■ **TASK BRIEF**: Within the entries below, find each line containing the word "color" and copy it.

** INPUT MATERIAL follows **

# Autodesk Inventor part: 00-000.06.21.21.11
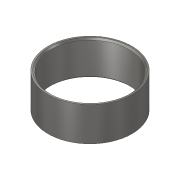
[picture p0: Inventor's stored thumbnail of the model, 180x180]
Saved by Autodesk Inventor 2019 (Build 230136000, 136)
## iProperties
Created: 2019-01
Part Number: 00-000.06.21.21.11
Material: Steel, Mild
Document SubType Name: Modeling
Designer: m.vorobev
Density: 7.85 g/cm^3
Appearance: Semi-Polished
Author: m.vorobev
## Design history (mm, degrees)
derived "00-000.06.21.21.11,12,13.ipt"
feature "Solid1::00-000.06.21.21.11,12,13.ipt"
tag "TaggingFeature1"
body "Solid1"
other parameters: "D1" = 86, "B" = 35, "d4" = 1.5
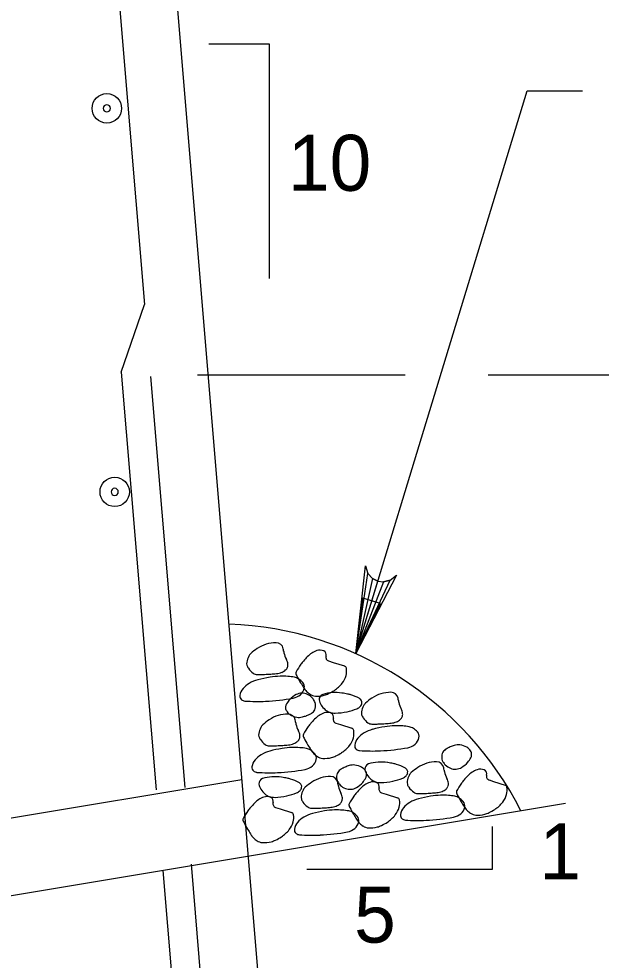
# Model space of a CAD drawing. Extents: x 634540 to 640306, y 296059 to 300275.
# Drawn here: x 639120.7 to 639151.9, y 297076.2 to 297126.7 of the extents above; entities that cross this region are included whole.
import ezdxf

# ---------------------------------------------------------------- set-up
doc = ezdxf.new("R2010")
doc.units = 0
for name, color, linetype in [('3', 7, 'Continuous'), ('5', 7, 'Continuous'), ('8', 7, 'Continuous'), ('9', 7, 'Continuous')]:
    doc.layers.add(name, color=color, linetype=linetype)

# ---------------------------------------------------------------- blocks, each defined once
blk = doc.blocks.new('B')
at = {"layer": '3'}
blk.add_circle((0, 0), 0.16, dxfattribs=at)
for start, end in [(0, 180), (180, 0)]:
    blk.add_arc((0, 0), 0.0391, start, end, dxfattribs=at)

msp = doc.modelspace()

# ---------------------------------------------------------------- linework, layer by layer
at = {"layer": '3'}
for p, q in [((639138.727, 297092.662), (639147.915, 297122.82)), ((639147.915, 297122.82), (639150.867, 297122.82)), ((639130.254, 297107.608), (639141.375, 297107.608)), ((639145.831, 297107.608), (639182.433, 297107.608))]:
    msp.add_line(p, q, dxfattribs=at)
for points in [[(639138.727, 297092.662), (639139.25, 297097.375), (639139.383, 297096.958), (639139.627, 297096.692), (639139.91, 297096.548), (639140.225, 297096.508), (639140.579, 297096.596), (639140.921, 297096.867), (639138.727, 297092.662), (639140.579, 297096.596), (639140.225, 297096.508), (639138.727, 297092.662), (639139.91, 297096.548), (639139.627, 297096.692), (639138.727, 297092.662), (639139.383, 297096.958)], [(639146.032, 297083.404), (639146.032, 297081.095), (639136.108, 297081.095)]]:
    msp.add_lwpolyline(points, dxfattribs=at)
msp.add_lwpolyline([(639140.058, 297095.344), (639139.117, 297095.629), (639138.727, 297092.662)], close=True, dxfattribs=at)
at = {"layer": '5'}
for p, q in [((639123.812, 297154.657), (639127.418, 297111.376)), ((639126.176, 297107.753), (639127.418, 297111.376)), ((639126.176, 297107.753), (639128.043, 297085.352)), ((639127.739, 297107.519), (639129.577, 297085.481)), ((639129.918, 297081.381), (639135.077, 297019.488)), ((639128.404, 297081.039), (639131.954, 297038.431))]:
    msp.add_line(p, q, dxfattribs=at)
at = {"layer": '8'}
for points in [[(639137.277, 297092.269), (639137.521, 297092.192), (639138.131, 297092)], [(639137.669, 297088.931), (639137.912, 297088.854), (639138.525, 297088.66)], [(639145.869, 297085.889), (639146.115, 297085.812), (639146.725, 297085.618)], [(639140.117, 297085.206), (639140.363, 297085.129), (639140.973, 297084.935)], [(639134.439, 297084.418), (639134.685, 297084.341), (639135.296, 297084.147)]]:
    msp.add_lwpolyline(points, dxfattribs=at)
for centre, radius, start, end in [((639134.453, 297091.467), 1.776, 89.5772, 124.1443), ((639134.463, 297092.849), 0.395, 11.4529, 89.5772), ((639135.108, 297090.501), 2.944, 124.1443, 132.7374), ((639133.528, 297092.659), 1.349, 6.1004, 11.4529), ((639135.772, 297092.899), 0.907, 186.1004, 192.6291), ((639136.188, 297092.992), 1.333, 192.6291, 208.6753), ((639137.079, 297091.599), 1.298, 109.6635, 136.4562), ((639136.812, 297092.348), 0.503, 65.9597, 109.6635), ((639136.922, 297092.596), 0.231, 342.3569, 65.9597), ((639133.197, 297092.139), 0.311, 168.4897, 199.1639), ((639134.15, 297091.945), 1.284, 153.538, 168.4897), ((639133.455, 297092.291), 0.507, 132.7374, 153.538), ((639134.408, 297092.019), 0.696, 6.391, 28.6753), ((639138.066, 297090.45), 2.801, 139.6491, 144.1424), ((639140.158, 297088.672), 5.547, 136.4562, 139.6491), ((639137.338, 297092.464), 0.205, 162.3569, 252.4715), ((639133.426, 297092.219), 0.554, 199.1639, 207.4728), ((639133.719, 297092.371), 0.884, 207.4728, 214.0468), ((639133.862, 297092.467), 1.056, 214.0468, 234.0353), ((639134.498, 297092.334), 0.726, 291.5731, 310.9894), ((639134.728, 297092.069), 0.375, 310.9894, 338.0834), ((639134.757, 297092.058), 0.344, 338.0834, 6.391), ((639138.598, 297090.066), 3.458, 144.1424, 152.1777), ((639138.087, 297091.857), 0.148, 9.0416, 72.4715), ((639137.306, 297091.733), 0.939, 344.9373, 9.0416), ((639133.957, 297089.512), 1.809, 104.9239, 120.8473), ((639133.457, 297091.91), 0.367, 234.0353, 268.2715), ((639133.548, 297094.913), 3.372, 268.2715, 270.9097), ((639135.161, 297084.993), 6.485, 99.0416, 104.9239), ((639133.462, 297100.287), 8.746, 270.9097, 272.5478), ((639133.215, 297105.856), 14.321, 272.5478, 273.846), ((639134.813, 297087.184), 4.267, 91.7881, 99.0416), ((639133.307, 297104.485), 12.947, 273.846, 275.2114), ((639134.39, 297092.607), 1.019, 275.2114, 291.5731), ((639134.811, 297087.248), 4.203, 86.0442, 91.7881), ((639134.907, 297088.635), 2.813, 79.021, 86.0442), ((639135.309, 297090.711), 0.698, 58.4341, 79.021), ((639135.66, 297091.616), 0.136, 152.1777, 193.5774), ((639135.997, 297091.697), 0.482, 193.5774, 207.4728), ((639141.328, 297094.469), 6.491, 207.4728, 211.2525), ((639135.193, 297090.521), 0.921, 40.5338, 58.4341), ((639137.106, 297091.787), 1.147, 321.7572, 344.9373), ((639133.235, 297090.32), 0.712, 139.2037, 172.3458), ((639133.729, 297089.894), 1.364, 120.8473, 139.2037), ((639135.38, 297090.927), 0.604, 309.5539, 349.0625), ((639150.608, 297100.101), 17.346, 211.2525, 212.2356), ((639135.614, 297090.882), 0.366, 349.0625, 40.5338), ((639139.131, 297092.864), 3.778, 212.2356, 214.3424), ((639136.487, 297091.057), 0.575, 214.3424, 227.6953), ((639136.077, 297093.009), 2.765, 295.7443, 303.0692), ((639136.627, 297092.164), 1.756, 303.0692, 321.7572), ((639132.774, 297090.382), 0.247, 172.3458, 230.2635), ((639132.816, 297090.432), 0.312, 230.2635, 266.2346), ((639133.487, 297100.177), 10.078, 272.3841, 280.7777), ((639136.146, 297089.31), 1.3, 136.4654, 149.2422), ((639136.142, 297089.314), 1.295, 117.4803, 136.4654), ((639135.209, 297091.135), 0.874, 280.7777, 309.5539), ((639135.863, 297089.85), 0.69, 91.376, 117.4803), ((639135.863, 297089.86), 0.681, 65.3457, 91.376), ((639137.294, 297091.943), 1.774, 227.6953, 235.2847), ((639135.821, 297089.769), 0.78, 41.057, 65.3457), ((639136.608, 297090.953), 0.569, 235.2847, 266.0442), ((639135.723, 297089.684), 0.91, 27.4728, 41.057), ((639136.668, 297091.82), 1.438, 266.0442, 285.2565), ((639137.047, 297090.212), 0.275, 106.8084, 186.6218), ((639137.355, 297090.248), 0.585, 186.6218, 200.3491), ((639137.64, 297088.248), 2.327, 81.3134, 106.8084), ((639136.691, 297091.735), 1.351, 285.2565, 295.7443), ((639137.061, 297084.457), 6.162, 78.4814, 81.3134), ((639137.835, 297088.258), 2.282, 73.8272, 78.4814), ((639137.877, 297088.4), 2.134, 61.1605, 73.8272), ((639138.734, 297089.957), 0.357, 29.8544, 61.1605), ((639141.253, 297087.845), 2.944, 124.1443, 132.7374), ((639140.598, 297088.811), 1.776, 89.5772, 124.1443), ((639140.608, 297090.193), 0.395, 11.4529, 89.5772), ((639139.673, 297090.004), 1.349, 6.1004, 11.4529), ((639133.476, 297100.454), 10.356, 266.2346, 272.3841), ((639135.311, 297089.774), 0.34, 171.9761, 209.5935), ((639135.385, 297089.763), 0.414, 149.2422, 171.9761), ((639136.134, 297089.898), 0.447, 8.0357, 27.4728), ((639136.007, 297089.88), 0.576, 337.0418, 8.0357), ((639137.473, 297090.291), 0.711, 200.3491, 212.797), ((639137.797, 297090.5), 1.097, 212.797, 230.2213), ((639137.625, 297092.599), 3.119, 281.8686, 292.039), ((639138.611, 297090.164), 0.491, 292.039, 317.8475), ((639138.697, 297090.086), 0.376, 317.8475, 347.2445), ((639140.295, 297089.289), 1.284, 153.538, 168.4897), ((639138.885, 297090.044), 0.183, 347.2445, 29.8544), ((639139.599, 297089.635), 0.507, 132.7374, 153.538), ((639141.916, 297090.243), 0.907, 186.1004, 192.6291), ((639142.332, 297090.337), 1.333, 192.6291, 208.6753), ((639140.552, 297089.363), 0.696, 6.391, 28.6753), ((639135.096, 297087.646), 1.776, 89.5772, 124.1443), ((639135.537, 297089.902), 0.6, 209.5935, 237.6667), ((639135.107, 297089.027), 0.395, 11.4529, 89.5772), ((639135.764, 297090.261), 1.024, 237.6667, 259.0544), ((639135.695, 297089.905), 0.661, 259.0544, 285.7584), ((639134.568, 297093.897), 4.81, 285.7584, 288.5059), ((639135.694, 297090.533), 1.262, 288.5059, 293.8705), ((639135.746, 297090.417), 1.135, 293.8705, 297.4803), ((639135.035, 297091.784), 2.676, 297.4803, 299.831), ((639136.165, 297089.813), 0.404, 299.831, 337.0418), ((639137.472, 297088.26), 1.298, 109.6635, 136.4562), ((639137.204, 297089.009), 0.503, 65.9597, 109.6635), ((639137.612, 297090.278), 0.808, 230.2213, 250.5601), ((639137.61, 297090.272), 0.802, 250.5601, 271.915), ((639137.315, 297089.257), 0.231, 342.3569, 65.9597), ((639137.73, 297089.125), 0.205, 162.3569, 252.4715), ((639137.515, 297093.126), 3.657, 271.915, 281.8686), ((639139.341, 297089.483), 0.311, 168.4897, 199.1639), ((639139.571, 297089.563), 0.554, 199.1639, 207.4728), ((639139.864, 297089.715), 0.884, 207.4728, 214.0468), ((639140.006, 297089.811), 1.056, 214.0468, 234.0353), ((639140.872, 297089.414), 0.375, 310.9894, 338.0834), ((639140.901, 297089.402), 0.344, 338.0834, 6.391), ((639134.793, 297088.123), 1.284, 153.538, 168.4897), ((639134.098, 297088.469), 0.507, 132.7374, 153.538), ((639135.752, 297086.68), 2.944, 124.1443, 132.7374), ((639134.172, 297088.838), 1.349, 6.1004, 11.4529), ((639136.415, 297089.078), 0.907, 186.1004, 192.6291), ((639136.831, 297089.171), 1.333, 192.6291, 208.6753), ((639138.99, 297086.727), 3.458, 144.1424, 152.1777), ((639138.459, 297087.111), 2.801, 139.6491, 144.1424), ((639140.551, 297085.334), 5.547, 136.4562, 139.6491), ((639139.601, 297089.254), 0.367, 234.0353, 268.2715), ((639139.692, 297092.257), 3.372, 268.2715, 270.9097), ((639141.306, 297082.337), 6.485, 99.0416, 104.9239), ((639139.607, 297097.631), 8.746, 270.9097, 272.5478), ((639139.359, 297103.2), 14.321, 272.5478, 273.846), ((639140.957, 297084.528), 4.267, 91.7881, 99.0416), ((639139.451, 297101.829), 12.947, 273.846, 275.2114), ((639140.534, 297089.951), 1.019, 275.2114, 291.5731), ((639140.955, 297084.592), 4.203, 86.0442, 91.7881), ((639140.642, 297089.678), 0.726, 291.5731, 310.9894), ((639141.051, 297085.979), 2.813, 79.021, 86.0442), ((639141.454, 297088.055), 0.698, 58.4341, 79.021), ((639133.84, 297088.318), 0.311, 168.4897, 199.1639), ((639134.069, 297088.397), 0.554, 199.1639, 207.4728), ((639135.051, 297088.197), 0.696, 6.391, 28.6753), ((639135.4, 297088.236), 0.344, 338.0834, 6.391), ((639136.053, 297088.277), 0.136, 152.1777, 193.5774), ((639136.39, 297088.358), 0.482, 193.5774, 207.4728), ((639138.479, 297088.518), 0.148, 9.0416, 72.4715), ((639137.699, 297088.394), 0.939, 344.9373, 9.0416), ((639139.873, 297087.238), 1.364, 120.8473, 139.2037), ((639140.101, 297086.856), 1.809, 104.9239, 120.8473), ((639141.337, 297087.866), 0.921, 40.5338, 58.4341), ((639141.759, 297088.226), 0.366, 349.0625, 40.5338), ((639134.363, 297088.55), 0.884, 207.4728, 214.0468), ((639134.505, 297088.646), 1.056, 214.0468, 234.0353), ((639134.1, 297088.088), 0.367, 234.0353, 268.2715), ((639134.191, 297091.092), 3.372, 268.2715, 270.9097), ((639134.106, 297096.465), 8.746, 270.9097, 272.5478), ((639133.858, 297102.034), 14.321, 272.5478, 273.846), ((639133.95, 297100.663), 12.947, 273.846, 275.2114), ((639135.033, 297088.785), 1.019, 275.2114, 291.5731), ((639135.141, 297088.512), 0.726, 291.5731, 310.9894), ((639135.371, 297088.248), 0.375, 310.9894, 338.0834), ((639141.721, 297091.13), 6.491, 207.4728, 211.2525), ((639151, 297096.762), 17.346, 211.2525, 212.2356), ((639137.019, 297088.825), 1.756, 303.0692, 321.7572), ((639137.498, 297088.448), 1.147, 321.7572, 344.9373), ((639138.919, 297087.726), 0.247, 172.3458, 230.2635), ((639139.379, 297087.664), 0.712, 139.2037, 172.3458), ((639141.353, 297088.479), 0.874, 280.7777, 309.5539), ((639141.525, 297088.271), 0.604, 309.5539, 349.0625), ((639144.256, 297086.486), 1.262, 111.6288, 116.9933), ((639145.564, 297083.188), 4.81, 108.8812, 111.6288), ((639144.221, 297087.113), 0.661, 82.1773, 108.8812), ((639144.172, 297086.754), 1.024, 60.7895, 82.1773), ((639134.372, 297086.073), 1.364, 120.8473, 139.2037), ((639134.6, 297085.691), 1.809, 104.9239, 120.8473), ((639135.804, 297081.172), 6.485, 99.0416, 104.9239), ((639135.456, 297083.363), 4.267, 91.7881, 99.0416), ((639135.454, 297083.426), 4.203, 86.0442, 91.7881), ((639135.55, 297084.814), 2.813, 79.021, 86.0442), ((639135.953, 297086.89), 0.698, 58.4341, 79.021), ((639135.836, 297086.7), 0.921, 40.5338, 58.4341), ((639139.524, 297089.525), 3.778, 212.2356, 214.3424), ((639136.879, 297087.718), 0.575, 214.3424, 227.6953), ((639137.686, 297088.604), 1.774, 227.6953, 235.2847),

** End of INPUT MATERIAL **

■ **WRITTEN RESPONSE**:
for name, color, linetype in [('3', 7, 'Continuous'), ('5', 7, 'Continuous'), ('8', 7, 'Continuous'), ('9', 7, 'Continuous')]:
    doc.layers.add(name, color=color, linetype=linetype)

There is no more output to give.